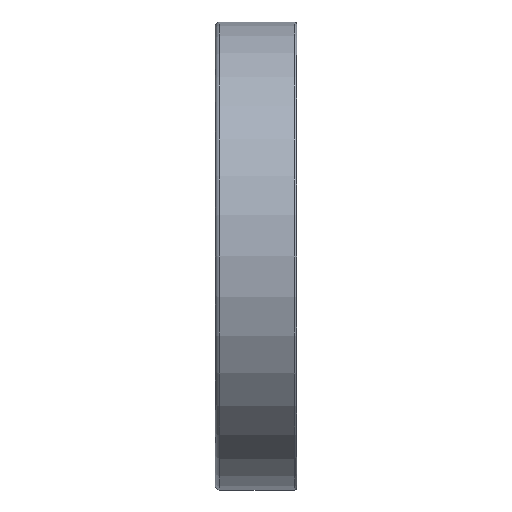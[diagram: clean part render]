
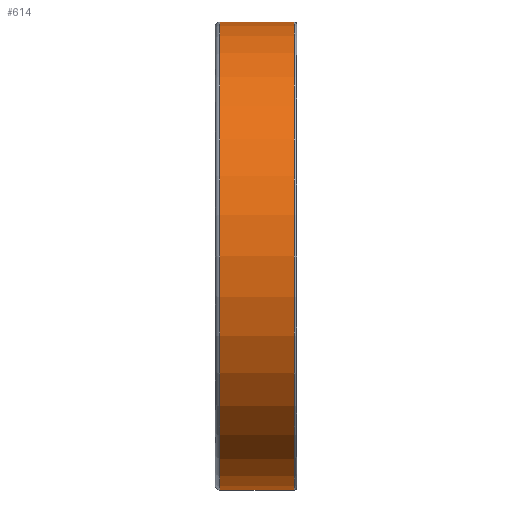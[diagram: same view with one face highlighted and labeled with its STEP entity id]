
A CAD part, front view. The second image highlights one B-rep face of the part: STEP entity #614.
In plain terms, the highlighted cylindrical face has radius 57.5 mm (diameter 115 mm), a full revolution.
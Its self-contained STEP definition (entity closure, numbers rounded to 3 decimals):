
#179=CYLINDRICAL_SURFACE('',#974,57.5);
#295=EDGE_LOOP('',(#423));
#296=EDGE_LOOP('',(#424));
#423=ORIENTED_EDGE('',*,*,#495,.F.);
#424=ORIENTED_EDGE('',*,*,#493,.T.);
#493=EDGE_CURVE('',#893,#893,#513,.T.);
#495=EDGE_CURVE('',#895,#895,#515,.T.);
#513=CIRCLE('',#970,57.5);
#515=CIRCLE('',#973,57.5);
#614=ADVANCED_FACE('',(#779,#780),#179,.T.);
#779=FACE_BOUND('',#295,.T.);
#780=FACE_BOUND('',#296,.T.);
#893=VERTEX_POINT('',#2082);
#895=VERTEX_POINT('',#2087);
#970=AXIS2_PLACEMENT_3D('',#2081,#1110,#1111);
#973=AXIS2_PLACEMENT_3D('',#2086,#1116,#1117);
#974=AXIS2_PLACEMENT_3D('',#2088,#1118,#1119);
#1110=DIRECTION('',(1.,0.,0.));
#1111=DIRECTION('',(0.,0.,-1.));
#1116=DIRECTION('',(1.,0.,0.));
#1117=DIRECTION('',(0.,0.,-1.));
#1118=DIRECTION('',(1.,0.,0.));
#1119=DIRECTION('',(0.,0.,-1.));
#2081=CARTESIAN_POINT('',(-8.9,0.,0.));
#2082=CARTESIAN_POINT('',(-8.9,0.,-57.5));
#2086=CARTESIAN_POINT('',(9.4,0.,0.));
#2087=CARTESIAN_POINT('',(9.4,0.,-57.5));
#2088=CARTESIAN_POINT('',(-8.9,0.,0.));

## Task instructions
Reproduce the listing exactly. Do not include its images.

## Task result
[diagram: clean part render]
[diagram: same view with one face highlighted and labeled with its STEP entity id]
A CAD part, front view. The second image highlights one B-rep face of the part: STEP entity #614.
In plain terms, the highlighted cylindrical face has radius 57.5 mm (diameter 115 mm), a full revolution.
Its self-contained STEP definition (entity closure, numbers rounded to 3 decimals):
#179=CYLINDRICAL_SURFACE('',#974,57.5);
#295=EDGE_LOOP('',(#423));
#296=EDGE_LOOP('',(#424));
#423=ORIENTED_EDGE('',*,*,#495,.F.);
#424=ORIENTED_EDGE('',*,*,#493,.T.);
#493=EDGE_CURVE('',#893,#893,#513,.T.);
#495=EDGE_CURVE('',#895,#895,#515,.T.);
#513=CIRCLE('',#970,57.5);
#515=CIRCLE('',#973,57.5);
#614=ADVANCED_FACE('',(#779,#780),#179,.T.);
#779=FACE_BOUND('',#295,.T.);
#780=FACE_BOUND('',#296,.T.);
#893=VERTEX_POINT('',#2082);
#895=VERTEX_POINT('',#2087);
#970=AXIS2_PLACEMENT_3D('',#2081,#1110,#1111);
#973=AXIS2_PLACEMENT_3D('',#2086,#1116,#1117);
#974=AXIS2_PLACEMENT_3D('',#2088,#1118,#1119);
#1110=DIRECTION('',(1.,0.,0.));
#1111=DIRECTION('',(0.,0.,-1.));
#1116=DIRECTION('',(1.,0.,0.));
#1117=DIRECTION('',(0.,0.,-1.));
#1118=DIRECTION('',(1.,0.,0.));
#1119=DIRECTION('',(0.,0.,-1.));
#2081=CARTESIAN_POINT('',(-8.9,0.,0.));
#2082=CARTESIAN_POINT('',(-8.9,0.,-57.5));
#2086=CARTESIAN_POINT('',(9.4,0.,0.));
#2087=CARTESIAN_POINT('',(9.4,0.,-57.5));
#2088=CARTESIAN_POINT('',(-8.9,0.,0.));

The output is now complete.